Residuals can also be plotted for important input variables to understand how the values of a single input variable affect prediction errors. When plotted by PAY_0, the residuals confirm that the GBM is struggling to accurately predict cases where default status is not correlated with recent payment behavior in an obvious way. The residual plots for values of PAY_0 indicating timely payment behavior (e.g., use of revolving credit, pay duly, and no consumption) generally display the highest positive residuals and relatively small negative residuals.
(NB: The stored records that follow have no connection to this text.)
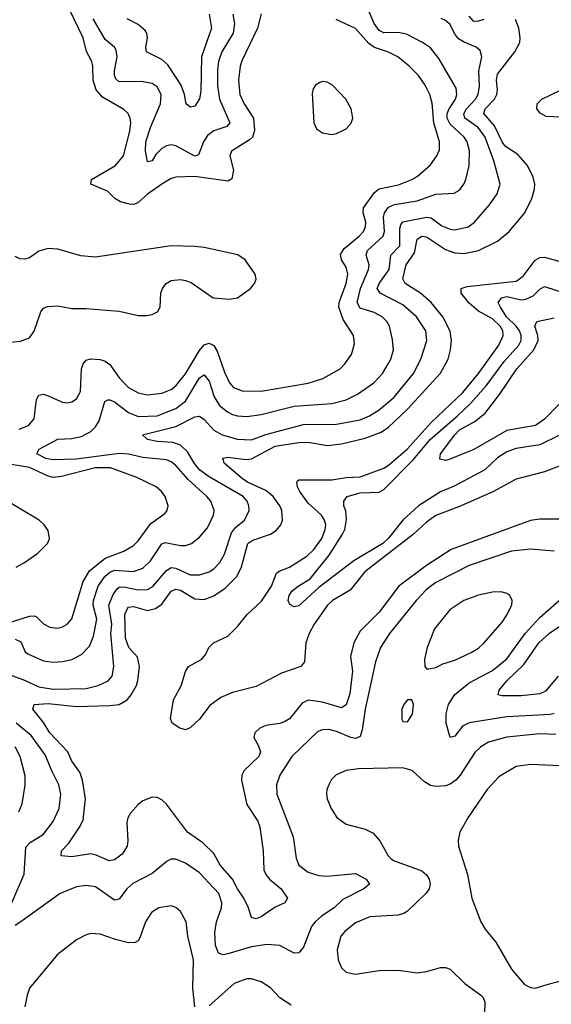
# Model space of a CAD drawing. Header units: inches. Extents: x 1834610 to 2027685, y 642842 to 774116.
# Tile 452 of 632: x 1960949 to 1963198, y 720901 to 725066. Entities that reach past the tile are written whole.
import ezdxf

# ---------------------------------------------------------------- set-up
doc = ezdxf.new("R2010")
doc.units = ezdxf.units.IN
doc.header["$MEASUREMENT"] = 0
doc.layers.add('B9762', color=7, linetype='Continuous')

msp = doc.modelspace()

# ---------------------------------------------------------------- linework, layer by layer
at = {"layer": 'B9762', "color": 5}
for points, elevation in [([(1960930, 722445.5), (1960954.5, 722434.5), (1960972.7, 722392.7), (1960983.2, 722383.2), (1961050, 722353.9), (1961090, 722348.1), (1961130, 722350.8), (1961170, 722360.5), (1961210, 722381), (1961243.8, 722416.2), (1961261.9, 722458.1), (1961274.8, 722530), (1961260.1, 722590), (1961260.7, 722610), (1961281.7, 722670), (1961309.6, 722710.4), (1961330, 722729), (1961350, 722737.5), (1961430, 722732.4), (1961470, 722746.4), (1961502.6, 722777.4), (1961550, 722849.5), (1961564.8, 722855.2), (1961630, 722842.4), (1961650, 722841.9), (1961676.4, 722850), (1961710, 722877.8), (1961743.2, 722916.8), (1961769, 722970), (1961772, 722990), (1961757.7, 723030), (1961740.6, 723050), (1961661.5, 723121.5), (1961610, 723179.9), (1961590, 723195.6), (1961570, 723204), (1961470, 723214), (1961410, 723229.2), (1961371.8, 723231.8), (1961188, 723208), (1961090, 723204.9), (1961059.7, 723210), (1961022, 723230), (1961031.8, 723250), (1961110, 723291.3), (1961170, 723295.1), (1961210, 723303.8), (1961250, 723323.9), (1961270, 723344.8), (1961285.6, 723370), (1961309.3, 723450.7), (1961322, 723458), (1961330, 723459), (1961350, 723450.1), (1961410, 723405.1), (1961450, 723387.6), (1961530, 723390.8), (1961610, 723422.2), (1961650, 723453.2), (1961710, 723550.8), (1961730, 723564.1), (1961750, 723536.9), (1961771.3, 723471.3), (1961794.9, 723434.9), (1961827.7, 723407.7), (1961850, 723396.2), (1961870.1, 723390.1), (1961910, 723388), (1961970, 723396), (1962110, 723430.9), (1962270, 723442.7), (1962330, 723458.8), (1962377.9, 723482.1), (1962447.2, 723530), (1962483.4, 723570), (1962508.5, 723610), (1962519.2, 723630), (1962530.5, 723670), (1962526.5, 723713.5), (1962513.3, 723770), (1962502, 723790), (1962482.9, 723810), (1962448.4, 723828.4), (1962390, 723845.8), (1962376.2, 723870), (1962390.3, 723930), (1962424.9, 724010), (1962428.2, 724030), (1962414.9, 724070), (1962420.8, 724090), (1962486.2, 724150), (1962492.8, 724170), (1962488.4, 724231.6), (1962492.7, 724250), (1962510, 724273.6), (1962534.7, 724285.3), (1962630, 724299.7), (1962710, 724329), (1962787.3, 724332.7), (1962810, 724345.8), (1962828.8, 724370), (1962836.1, 724390), (1962850.5, 724450), (1962851.5, 724511.5), (1962841.9, 724550), (1962829.4, 724570), (1962770, 724624.9), (1962757.4, 724650), (1962758.2, 724670), (1962766.3, 724690), (1962793, 724730), (1962798.9, 724750), (1962796.2, 724776.2), (1962722.5, 724902.5), (1962686.9, 724946.9), (1962653.5, 724970), (1962584.9, 725004.9), (1962550, 725011.9), (1962490, 725010.3), (1962470, 725021.1), (1962449.2, 725050), (1962423.9, 725110)], 460), ([(1961970, 725091.6), (1961954.6, 725030), (1961888.2, 724891.8), (1961881.8, 724870), (1961875, 724810), (1961880.7, 724750), (1961898.1, 724710), (1961937.8, 724650), (1961941.8, 724598.2), (1961933.6, 724570), (1961921.9, 724558.1), (1961844.5, 724510), (1961837.5, 724490), (1961853.4, 724430), (1961846.9, 724393.1), (1961830, 724382.8), (1961690, 724402.5), (1961610, 724400.6), (1961590, 724394.5), (1961550, 724370.5), (1961490, 724328.4), (1961448.5, 724291.5), (1961430, 724285.2), (1961414, 724286), (1961375.6, 724295.6), (1961351.8, 724310), (1961320.5, 724340.5), (1961249.6, 724370), (1961253.5, 724390), (1961354.9, 724450), (1961388.1, 724490), (1961415.5, 724595.5), (1961419.6, 724630), (1961416.5, 724650), (1961407.7, 724670), (1961390, 724686), (1961299.1, 724739.1), (1961272, 724770), (1961260.4, 724810), (1961259.1, 724870), (1961254.3, 724890), (1961231.9, 724931.9), (1961217.6, 724990), (1961159.4, 725110)], 480), ([(1960870, 722309.4), (1960970, 722272.8), (1961030, 722243.7), (1961090, 722234.6), (1961230, 722236.6), (1961280.5, 722250), (1961323.1, 722270), (1961339.8, 722290), (1961347.9, 722330), (1961335.2, 722470), (1961338.2, 722510), (1961326.5, 722590), (1961344.8, 722635.2), (1961361.2, 722658.8), (1961370, 722665.7), (1961390, 722667.3), (1961450, 722654.4), (1961490, 722656), (1961511.8, 722668.2), (1961570, 722736.2), (1961590, 722748.5), (1961610, 722746), (1961670, 722718.1), (1961710, 722717.5), (1961750, 722731), (1961770, 722744), (1961795.4, 722770), (1961815, 722805), (1961844.9, 722895.1), (1961862.2, 722917.8), (1961900.7, 722950), (1961919.8, 722990), (1961919.1, 723010), (1961911.9, 723030), (1961893.9, 723050), (1961750, 723132.3), (1961710, 723161.8), (1961688.4, 723188.4), (1961658.8, 723238.8), (1961630, 723265.9), (1961597.4, 723277.4), (1961530, 723281.5), (1961490, 723289.9), (1961469.3, 723310), (1961610, 723345.2), (1961690, 723386.8), (1961710, 723389.5), (1961730, 723374.6), (1961770, 723330.6), (1961805.2, 723310), (1961870, 723291.4), (1961930, 723288.8), (1961990, 723311.9), (1962150, 723353.5), (1962290, 723356), (1962390, 723374.3), (1962428.8, 723390), (1962470, 723416.2), (1962533.3, 723470), (1962615, 723570), (1962646.2, 723630), (1962672, 723710), (1962667.5, 723750), (1962627.4, 723810), (1962570, 723860.6), (1962473.7, 723910), (1962462.1, 723930), (1962469.9, 723950), (1962512.6, 724010), (1962518.8, 724070), (1962557.8, 724110), (1962557.4, 724182.6), (1962561.3, 724198.7), (1962570, 724211), (1962670, 724230.5), (1962690, 724227.8), (1962735.1, 724195.1), (1962770, 724179.8), (1962790, 724177.8), (1962846, 724190), (1962873.5, 724210), (1962937.3, 724282.7), (1962969.8, 724330), (1962981.5, 724370), (1962955.5, 724470), (1962918.3, 724570), (1962889, 724610), (1962832.1, 724650), (1962827.8, 724667.7), (1962839, 724690), (1962877.7, 724730), (1962889.1, 724750), (1962894.6, 724785.4), (1962892.2, 724850), (1962904.8, 724910), (1962896.7, 724936.7), (1962880.5, 724950), (1962830, 724970.8), (1962805.8, 724985.8), (1962788.4, 725008.4), (1962770, 725046.2), (1962750, 725063.4), (1962731.8, 725071.8)], 440), ([(1960946.4, 723333.6), (1960986.2, 723350), (1961010, 723377.6), (1961020.3, 723459.7), (1961030, 723478), (1961050, 723481.8), (1961070, 723475.9), (1961130, 723448.1), (1961150, 723445.5), (1961170, 723450.2), (1961190, 723462.8), (1961206.4, 723493.6), (1961210.9, 723589.1), (1961217, 723610), (1961230, 723626.5), (1961248, 723632), (1961290, 723628.7), (1961310, 723622.3), (1961330, 723608.3), (1961370.8, 723550), (1961410, 723510.8), (1961450, 723488.3), (1961490, 723479.5), (1961550, 723485.9), (1961590, 723502.7), (1961610, 723517.4), (1961650, 723568.3), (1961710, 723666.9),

Residuals for the other values of PAY_0, those that represent late recent payments, tend to show large negative residuals and relatively small positive residuals.

In [None]:
# sort for better organization in plot
sorted_ = test_yhat.sort_values(by='PAY_0')
sorted_.rename(columns={yhat: 'Predicted', 
                        'r_DEFAULT_NEXT_MONTH': 'Residual',
                        y: 'Default'}, 
               inplace=True)

# use Seaborn FacetGrid for convenience
sns.set(font_scale=1.2) 
sns.set_style('whitegrid', {'axes.grid': False})
sns.set_palette((sns.diverging_palette(255, 133, l=60, n=2, center='dark')))
g = sns.FacetGrid(sorted_, col='PAY_0', hue='Default', col_wrap=4)
_ = g.map(plt.scatter, 'Predicted', 'Residual', alpha=0.4)
_ = g.add_legend() 

#### Shutdown H2O
After using h2o, it's typically best to shut it down. However, before doing so, users should ensure that they have saved any h2o data structures, such as models and H2OFrames, or scoring artifacts, such as POJOs and MOJOs.

In [None]:
# be careful, this can erase your work!
h2o.cluster().shutdown()

**Conclusion**: The unconstrained GBM in this notebook makes predictable mistakes, that are plainly obvious after applying straightforward explanation and model debugging techniques. This model is explainable, but not trustworthy.